17 January 08 | Chad W. Post

Along with a few other independent booksellers and librarians, Karl Pohrt—owner of the amazing Shaman Drum Bookshop —is in China for the Beijing Book Fair, where he’ll be giving this speech on independent bookselling in America.

Additionally, he’s writing a daily blog about the trip, which can be found in its entirety here.

January 14, 2008

“More people mean a greater ferment of ideas, more enthusiasm and more energy.”—Mao Zedong

Paul and Rick leave for home this morning.

The pollution index is very high today. The world here is hazy and dim by midday. I can actually taste the exhaust.

I meet Claudia Ross, a Professor of Chinese Language and Linguistics at the College of the Holy Cross in Worcester, MA, in front of the Beijing Books Building. Claudia, my friend Daniel Goldin’s sister, has been in China with her husband on and off since the end of the Cultural Revolution. She is here doing research for the academic year. For those of you who aren’t in the book business, Daniel is the buyer at the Harry W. Schwartz Bookshops in Milwaukee.

Claudia and I have lunch on the top floor of a department store not far from the bookshop. She orders Shuh Yang Rou, which she tells me is a traditional Beijing winter dish. It’s a kind of Chinese style fondue. Our waitress places a pot of boiling spicy broth on a hot pad at our table and brings us heaping plates of mushrooms, spinach, bean curds, broccoli and thin slices of lamb along with a sesame sauce to dip the food in after it is cooked. The food is delicious.

I ask Claudia too many questions about all the things I’ve seen this week that I don’t understand, and she very graciously attempts to clue me in.

Our group has noticed that Beijing is very homogeneous. For the capital of a world class city, there is not much ethnic and racial diversity. Non Han people really stand out here. Claudia laughs and agrees.

On the subject of the relationship between the people and the state here, Claudia says there is a very clear line and everybody understands that if they cross it there will be consequences. On the other hand, average citizens are willing to give the government the benefit of the doubt, probably a carry-over of Confucian values.

When I mention the problems of cigarette smoking and pollution in Beijing, Claudia tells me that they are making strides. You are no longer allowed to smoke on trains and planes here.

“I suppose you’ve noticed all the spitting,” she says. Yes, I have, but then I’ve been hacking myself in my hotel room in the morning and I figure it is a response to the pollution. “No,” she says. “People here believe it is healthy to clear your throat and spit.”

In retrospect, I’m sorry I didn’t connect with Claudia earlier. She is a charming and knowledgeable guide to China.

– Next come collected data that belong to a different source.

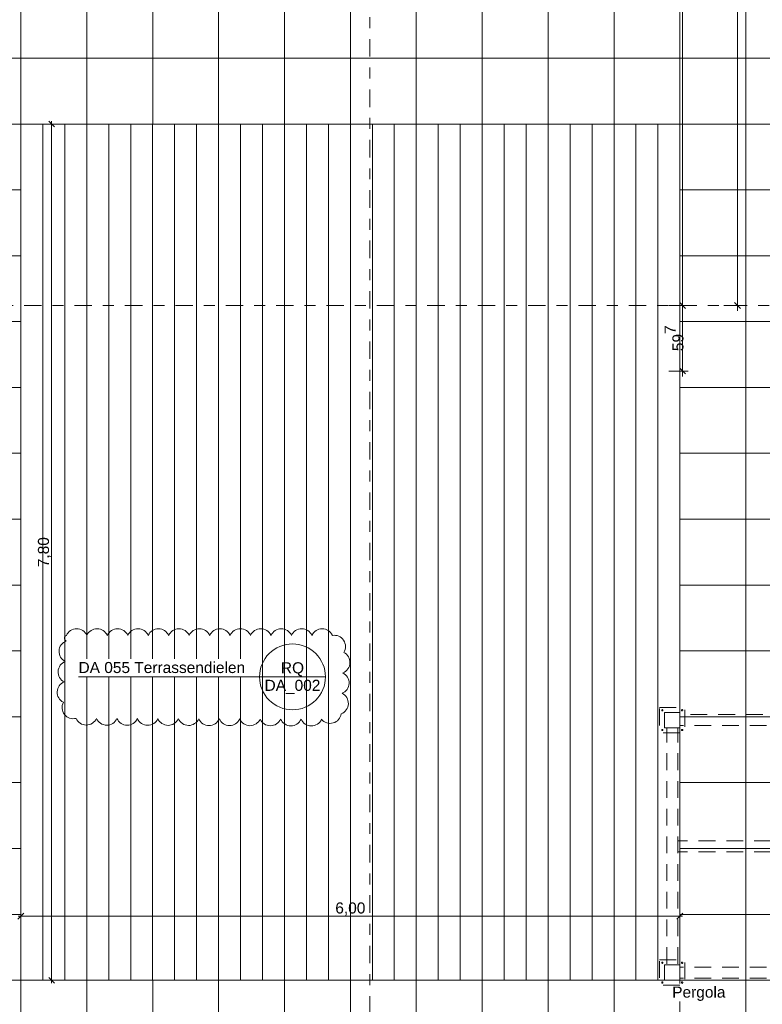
# Model space of a CAD drawing. Header units: metres. Extents: x -180 to 4, y -47 to 4.
# Tile 186 of 256: x -69.61 to -62.85, y -37.56 to -28.59. Entities that reach past the tile are written whole.
import ezdxf

# ---------------------------------------------------------------- set-up
doc = ezdxf.new("R2010")
doc.units = ezdxf.units.M
doc.header["$LTSCALE"] = 0.05
doc.header["$PDMODE"] = 1
doc.header["$PDSIZE"] = -2
doc.linetypes.add('ISO-02 Strichlinie', pattern=[3.81, 3.048, -0.762])
doc.linetypes.add('Linienart-53', pattern=[5.291531, 3.175, -1.058062, 0.352704, -0.705764])
doc.layers.get('0').update_dxf_attribs({"lineweight": 25})
for name, color, linetype, lineweight, true_color in [('30 -35 Decken- 11 Bodendurchbruch', 7, 'Continuous', 15, 0x599559), ('30 -36 Dächer- 3 Dachbeläge', 7, 'Continuous', 15, 0x9999ff), ('30 -36 Dächer- 4 Dachbekleidungen', 7, 'Continuous', 9, 0xccccff), ('70 -72 Beschriftung- 1 Beschriftung allgemein', 7, 'Continuous', 9, 0xff6633), ('70 -72 Beschriftung- 7 Detailverweise', 7, 'Continuous', 9, 0x00dd00), ('70 -76 Bemaßung- 2 Allgemein', 7, 'Continuous', 5, 0x6666cc), ('70 -77 Revision- 2 Wolken', 7, 'Continuous', 18, 0x944cff)]:
    doc.layers.add(name, color=color, linetype=linetype, lineweight=lineweight, true_color=true_color)
for name, color, linetype, lineweight in [('60- 61 allgemeine Ausstattung- 4 Terrassen', 7, 'Continuous', 9), ('70 -71 Achsen- 1 Gebäudeachsen', 7, 'Linienart-53', 18), ('70 -72 Beschriftung- 5 Höhenkoten', 7, 'Continuous', 15), ('Keine', 7, 'Continuous', 9)]:
    doc.layers.add(name, color=color, linetype=linetype, lineweight=lineweight)
doc.styles.add('Arial', font='arial.ttf')
doc.dimstyles.new('k+k 1_50', dxfattribs={"dimtxt": 0.075516, "dimasz": 0.05302, "dimexe": 0.05, "dimexo": 0.15, "dimgap": 0.01, "dimtad": 1, "dimdec": 3, "dimtxsty": 'Arial', "dimblk": 'VW_SLASH', "dimblk1": 'VW_SLASH', "dimblk2": 'VW_SLASH', "dimcen": 0, "dimdle": 0.05, "dimadec": 3, "dimazin": 0, "dimtfac": 0.75, "dimtdec": 3, "dimtix": 1, "dimtmove": 0, "dimatfit": 0, "dimldrblk": 'VW_SLASH-1', "dimfxl": 0.125, "dimfxlon": 1, "dimfrac": 2, "dimtolj": 1, "dimarcsym": 0})
doc.dimstyles.new('k+k_klein', dxfattribs={"dimtxt": 0.075516, "dimasz": 0.05302, "dimexe": 0.05, "dimexo": 0.15, "dimgap": 0.005, "dimtad": 1, "dimdec": 3, "dimtxsty": 'Arial', "dimblk": 'VW_SLASH-2', "dimblk1": 'VW_SLASH-2', "dimblk2": 'VW_SLASH-2', "dimcen": 0, "dimdle": 0.025, "dimadec": 3, "dimazin": 0, "dimtfac": 0.75, "dimtdec": 3, "dimtix": 1, "dimtmove": 0, "dimatfit": 0, "dimldrblk": 'VW_FILLEDARROW', "dimfxl": 0.1, "dimfxlon": 1, "dimfrac": 2, "dimtolj": 1, "dimarcsym": 0})

# ---------------------------------------------------------------- blocks, each defined once
blk = doc.blocks.new('Gruppe-365')
at = {"color": 255, "lineweight": 9}
blk.add_wipeout([(-29.2882, -0.277), (-29.2882, -0.732), (-33.136, -0.732), (-33.136, -11.472), (-29.2882, -11.472), (-29.2882, -25.8641), (-49.636, -25.8641), (-49.636, -30.912), (-29.2882, -30.912), (-29.2882, -31.367), (-50.091, -31.367), (-50.091, -20.117), (-74.501, -20.117), (-74.501, -31.367), (-74.6216, -31.367), (-74.6216, -13.7471), (-51.971, -13.7471), (-51.971, -10.572), (-50.206, -10.572), (-50.206, -8.842), (-51.131, -8.842), (-51.131, -6.592), (-50.206, -6.592), (-50.206, -0.732), (-74.6216, -0.732), (-74.6216, -0.277), (-49.751, -0.277), (-49.751, -11.527), (-33.591, -11.527), (-33.591, -0.277)], dxfattribs=at).dxf.layer = '30 -36 Dächer- 3 Dachbeläge'
blk = doc.blocks.new('Gruppe-769')
at = {"layer": '60- 61 allgemeine Ausstattung- 4 Terrassen', "color": 7, "linetype": 'ISO-02 Strichlinie'}
for p, q in [((-51.7385, -34.924), (-63.7185, -34.924)), ((-63.7185, -35.024), (-63.7185, -37.224)), ((-63.7185, -35.024), (-51.7385, -35.024)), ((-63.6185, -35.024), (-63.6185, -37.224)), ((-62.5185, -36.074), (-63.6185, -36.074)), ((-62.5185, -36.174), (-63.6185, -36.174)), ((-63.7185, -37.224), (-51.7385, -37.224)), ((-63.7185, -37.324), (-51.7385, -37.324))]:
    blk.add_line(p, q, dxfattribs=at)
at = {"color": 255, "linetype": 'Continuous', "lineweight": 9}
for points in [[(-63.7385, -34.904), (-63.5985, -34.904), (-63.5985, -35.044), (-63.7385, -35.044)], [(-63.7385, -37.204), (-63.5985, -37.204), (-63.5985, -37.344), (-63.7385, -37.344)]]:
    blk.add_wipeout(points, dxfattribs=at).dxf.layer = '60- 61 allgemeine Ausstattung- 4 Terrassen'
at = {"layer": '60- 61 allgemeine Ausstattung- 4 Terrassen', "color": 7, "linetype": 'Continuous', "lineweight": 9, "flags": 128}
for points in [[(-63.7385, -34.904), (-63.5985, -34.904), (-63.5985, -35.044), (-63.7385, -35.044)], [(-63.7385, -37.204), (-63.5985, -37.204), (-63.5985, -37.344), (-63.7385, -37.344)]]:
    blk.add_lwpolyline(points, close=True, dxfattribs=at)
blk = doc.blocks.new('Gruppe-1255')
at = {"layer": 'Keine', "color": 7, "linetype": 'ISO-02 Strichlinie', "lineweight": 9, "transparency": 33554687, "flags": 128}
for points in [[(-63.7835, -34.859), (-63.5535, -34.859), (-63.5535, -35.089), (-63.7835, -35.089)], [(-63.7525, -34.884), (-63.7525, -34.8846), (-63.7526, -34.8852), (-63.7528, -34.8858), (-63.753, -34.8863), (-63.7532, -34.8869), (-63.7535, -34.8874), (-63.7539, -34.8878), (-63.7543, -34.8883), (-63.7547, -34.8887), (-63.7552, -34.889), (-63.7557, -34.8893), (-63.7562, -34.8896), (-63.7568, -34.8898), (-63.7573, -34.8899), (-63.7579, -34.89), (-63.7585, -34.89), (-63.7591, -34.89), (-63.7597, -34.8899), (-63.7602, -34.8898), (-63.7608, -34.8896), (-63.7613, -34.8893), (-63.7618, -34.889), (-63.7623, -34.8887), (-63.7627, -34.8883), (-63.7631, -34.8878), (-63.7635, -34.8874), (-63.7638, -34.8869), (-63.764, -34.8863), (-63.7642, -34.8858), (-63.7644, -34.8852), (-63.7645, -34.8846), (-63.7645, -34.884), (-63.7645, -34.8835), (-63.7644, -34.8829), (-63.7642, -34.8823), (-63.764, -34.8817), (-63.7638, -34.8812), (-63.7635, -34.8807), (-63.7631, -34.8802), (-63.7627, -34.8798), (-63.7623, -34.8794), (-63.7618, -34.8791), (-63.7613, -34.8788), (-63.7608, -34.8785), (-63.7602, -34.8783), (-63.7597, -34.8782), (-63.7591, -34.8781), (-63.7585, -34.878), (-63.7579, -34.8781), (-63.7573, -34.8782), (-63.7568, -34.8783), (-63.7562, -34.8785), (-63.7557, -34.8788), (-63.7552, -34.8791), (-63.7547, -34.8794), (-63.7543, -34.8798), (-63.7539, -34.8802), (-63.7535, -34.8807), (-63.7532, -34.8812), (-63.753, -34.8817), (-63.7528, -34.8823), (-63.7526, -34.8829), (-63.7525, -34.8835)], [(-63.5725, -34.884), (-63.5725, -34.8846), (-63.5726, -34.8852), (-63.5728, -34.8858), (-63.573, -34.8863), (-63.5732, -34.8869), (-63.5735, -34.8874), (-63.5739, -34.8878), (-63.5743, -34.8883), (-63.5747, -34.8887), (-63.5752, -34.889), (-63.5757, -34.8893), (-63.5762, -34.8896), (-63.5768, -34.8898), (-63.5773, -34.8899), (-63.5779, -34.89), (-63.5785, -34.89), (-63.5791, -34.89), (-63.5797, -34.8899), (-63.5802, -34.8898), (-63.5808, -34.8896), (-63.5813, -34.8893), (-63.5818, -34.889), (-63.5823, -34.8887), (-63.5827, -34.8883), (-63.5831, -34.8878), (-63.5835, -34.8874), (-63.5838, -34.8869), (-63.584, -34.8863), (-63.5842, -34.8858), (-63.5844, -34.8852), (-63.5845, -34.8846), (-63.5845, -34.884), (-63.5845, -34.8835), (-63.5844, -34.8829), (-63.5842, -34.8823), (-63.584, -34.8817), (-63.5838, -34.8812), (-63.5835, -34.8807), (-63.5831, -34.8802), (-63.5827, -34.8798), (-63.5823, -34.8794), (-63.5818, -34.8791), (-63.5813, -34.8788), (-63.5808, -34.8785), (-63.5802, -34.8783), (-63.5797, -34.8782), (-63.5791, -34.8781), (-63.5785, -34.878), (-63.5779, -34.8781), (-63.5773, -34.8782), (-63.5768, -34.8783), (-63.5762, -34.8785), (-63.5757, -34.8788), (-63.5752, -34.8791), (-63.5747, -34.8794), (-63.5743, -34.8798), (-63.5739, -34.8802), (-63.5735, -34.8807), (-63.5732, -34.8812), (-63.573, -34.8817), (-63.5728, -34.8823), (-63.5726, -34.8829), (-63.5725, -34.8835)], [(-63.7525, -35.064), (-63.7525, -35.0646), (-63.7526, -35.0652), (-63.7528, -35.0658), (-63.753, -35.0663), (-63.7532, -35.0669), (-63.7535, -35.0674), (-63.7539, -35.0678), (-63.7543, -35.0683), (-63.7547, -35.0687), (-63.7552, -35.069), (-63.7557, -35.0693), (-63.7562, -35.0696), (-63.7568, -35.0698), (-63.7573, -35.0699), (-63.7579, -35.07), (-63.7585, -35.07), (-63.7591, -35.07), (-63.7597, -35.0699), (-63.7602, -35.0698), (-63.7608, -35.0696), (-63.7613, -35.0693), (-63.7618, -35.069), (-63.7623, -35.0687), (-63.7627, -35.0683), (-63.7631, -35.0678), (-63.7635, -35.0674), (-63.7638, -35.0669), (-63.764, -35.0663), (-63.7642, -35.0658), (-63.7644, -35.0652), (-63.7645, -35.0646), (-63.7645, -35.064), (-63.7645, -35.0635), (-63.7644, -35.0629), (-63.7642, -35.0623), (-63.764, -35.0617), (-63.7638, -35.0612), (-63.7635, -35.0607), (-63.7631, -35.0602), (-63.7627, -35.0598), (-63.7623, -35.0594), (-63.7618, -35.0591), (-63.7613, -35.0588), (-63.7608, -35.0585), (-63.7602, -35.0583), (-63.7597, -35.0582), (-63.7591, -35.0581), (-63.7585, -35.058), (-63.7579, -35.0581), (-63.7573, -35.0582), (-63.7568, -35.0583), (-63.7562, -35.0585), (-63.7557, -35.0588), (-63.7552, -35.0591), (-63.7547, -35.0594), (-63.7543, -35.0598), (-63.7539, -35.0602), (-63.7535, -35.0607), (-63.7532, -35.0612), (-63.753, -35.0617), (-63.7528, -35.0623), (-63.7526, -35.0629), (-63.7525, -35.0635)], [(-63.5725, -35.064), (-63.5725, -35.0646), (-63.5726, -35.0652), (-63.5728, -35.0658), (-63.573, -35.0663), (-63.5732, -35.0669), (-63.5735, -35.0674), (-63.5739, -35.0678), (-63.5743, -35.0683), (-63.5747, -35.0687), (-63.5752, -35.069), (-63.5757, -35.0693), (-63.5762, -35.0696), (-63.5768, -35.0698), (-63.5773, -35.0699), (-63.5779, -35.07), (-63.5785, -35.07), (-63.5791, -35.07), (-63.5797, -35.0699), (-63.5802, -35.0698), (-63.5808, -35.0696), (-63.5813, -35.0693), (-63.5818, -35.069), (-63.5823, -35.0687), (-63.5827, -35.0683), (-63.5831, -35.0678), (-63.5835, -35.0674), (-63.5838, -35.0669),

Allison Hill suggests we all spend our last night in Beijing watching a performance by Chinese acrobats at the Chaoyang Theater. The show is a remarkable spectacle. The costumes, lighting and booming music are over the top, which is completely appropriate. The acrobats hurtle, fling and flip through the air as if they are weightless. The audience is surprisingly raucous. They whistle, clap and shout. The scene reminds me of appearances by James Brown and the Fabulous Flames in Flint back in the 1960s. Many of the people in the audience tonight are elderly Chinese, and this is really pre-television entertainment. The theater is quite cool—it’s probably unheated—and we keep our jackets on.

Allison has also made dinner reservations for us at the Summit Club, which is on the top floor of a high-end hotel. This is one of those circular restaurants that move slowly in a 360 degree circle while diners view the city. Two entertainers are singing soft rock tunes in English (Gordon Lightfoot, Joni Mitchell). Unfortunately, the ambiance of the whole experience is compromised by the fact that the city below us is almost unidentifiable in a thick haze of carcinogenic particles.

The Brits tell us they have felt an air of unreality about this trip (so have we), and they cope with this by imagining themselves to be inside a film. This leads to a great deal of cheap talk over dinner about which actors would be appropriate to play us (I suggest Brad Pitt for me) and how the film should end.

Despite our attempts at levity and despite the opulence of our surroundings, we’re all somewhat subdued. It is the end of this remarkable experience. Tomorrow we begin the Long March back home.

We pose for a last group picture on the staircase in the fancy hotel.